Until, the 1970’s, there were Western historians who emphatically wrote off Africa of the period before the arrival of the Europeans as a “Dark Continent” devoid of any worthy traces of history and culture. In 1965, Oxford University’s Regins Professor of History wrote of events of pre-colonial Africa as “the unrewarding gyrations of barbarous tribes in picturesque but irrelevant corners of the globe”.

As recently as 1974, another scholar, William Ochieng, summed up his disappointment about Africa’s past before the European advent in the crushing words – “Utter stagnation.” It is clear that these scholars and their kind conceived of history solely in terms of the written word – a narrow approach to history and historiography.

These days, there is a new history in the making in the African intellectual world. It is being demonstrated daily that this ‘new history’ can only be appreciated through the eclectic approach – the application of techniques in African linguistics, ethnography, or historic archaeology etc. From the archaeologist’s point of view, the ‘new history’ entails, among other things, the decoding of the ‘messages’ of clay pots and other ceramics which are among the commonest oldest surviving cultural artifacts.

In Ghana, pottery has been found in ancient sites scientifically aged to around 4,000-3,000 B.C. The pioneers of Ghanaian farming and village life of the period 2000 B.C. to 500 B.C. were authors of decorated clay pots, houses constructed from a combination of clay and wood as well as the earliest known clay art works portraying domestic cattle, sheep, goats and dogs.

 
Ceramic Art Work

Around AD100-500, the earliest Ghanaians who pioneered infrastructural traditional iron technology constructed furnaces of clay to facilitate the chemical reduction of iron oxides to iron blooms for making cutlasses, axes, hoes and hunting arrowheads.

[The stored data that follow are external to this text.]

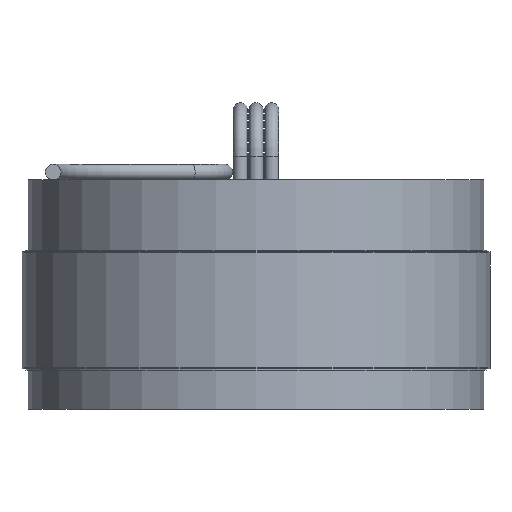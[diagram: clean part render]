
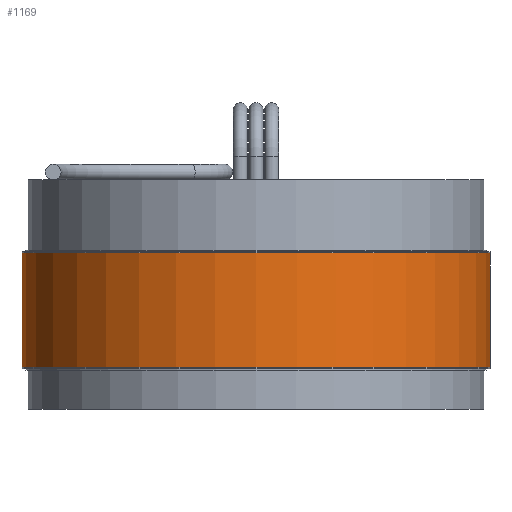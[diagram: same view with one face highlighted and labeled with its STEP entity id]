
A CAD part, front view. The second image highlights one B-rep face of the part: STEP entity #1169.
In plain terms, the highlighted cylindrical face has radius 38.1 mm (diameter 76.2 mm), a full revolution.
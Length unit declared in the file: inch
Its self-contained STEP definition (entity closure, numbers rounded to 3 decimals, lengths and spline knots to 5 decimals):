
#20 = CARTESIAN_POINT ( 'NONE',  ( 0., 0., -0.36713 ) ) ;
#44 = DIRECTION ( 'NONE',  ( 0., 0., 1. ) ) ;
#127 = CARTESIAN_POINT ( 'NONE',  ( 0., 0., -0.385 ) ) ;
#146 = CARTESIAN_POINT ( 'NONE',  ( 0., 0., 0.36713 ) ) ;
#344 = AXIS2_PLACEMENT_3D ( 'NONE', #127, #347, #799 ) ;
#347 = DIRECTION ( 'NONE',  ( 0., 0., 1. ) ) ;
#497 = CARTESIAN_POINT ( 'NONE',  ( 1.5, 0., 0.36713 ) ) ;
#579 = FACE_OUTER_BOUND ( 'NONE', #1400, .T. ) ;
#616 = VERTEX_POINT ( 'NONE', #1025 ) ;
#637 = EDGE_CURVE ( 'NONE', #616, #616, #1310, .T. ) ;
#696 = EDGE_LOOP ( 'NONE', ( #1109 ) ) ;
#731 = VERTEX_POINT ( 'NONE', #497 ) ;
#799 = DIRECTION ( 'NONE',  ( 1., 0., 0. ) ) ;
#819 = DIRECTION ( 'NONE',  ( 0., 0., 1. ) ) ;
#879 = AXIS2_PLACEMENT_3D ( 'NONE', #20, #819, #1144 ) ;
#946 = CYLINDRICAL_SURFACE ( 'NONE', #344, 1.5 ) ;
#1025 = CARTESIAN_POINT ( 'NONE',  ( 1.5, 0., -0.36713 ) ) ;
#1109 = ORIENTED_EDGE ( 'NONE', *, *, #637, .T. ) ;
#1129 = ORIENTED_EDGE ( 'NONE', *, *, #1352, .F. ) ;
#1136 = DIRECTION ( 'NONE',  ( 1., 0., 0. ) ) ;
#1144 = DIRECTION ( 'NONE',  ( 1., 0., 0. ) ) ;
#1169 = ADVANCED_FACE ( 'NONE', ( #579, #1305 ), #946, .T. ) ;
#1203 = CIRCLE ( 'NONE', #1353, 1.5 ) ;
#1305 = FACE_OUTER_BOUND ( 'NONE', #696, .T. ) ;
#1310 = CIRCLE ( 'NONE', #879, 1.5 ) ;
#1352 = EDGE_CURVE ( 'NONE', #731, #731, #1203, .T. ) ;
#1353 = AXIS2_PLACEMENT_3D ( 'NONE', #146, #44, #1136 ) ;
#1400 = EDGE_LOOP ( 'NONE', ( #1129 ) ) ;

The first Ghanaian cotton textile manufacturers of the 16th century used clay spindles for their spinning process. The pioneers of gold industry and trade employed decorated well-shaped clay discs as early gold-weights in the 16th century. Clay crucibles for melting metal are among the vital tools found in the ruins of ancient Ghanaian copper and brass workshops of the 17th century. Old habitation sites provide evidence of clay pots used in the tapping process of the palm wine industry. Old cemeteries preserve remains of clay sculptures which represent portraits of deceased persons and their clansmen.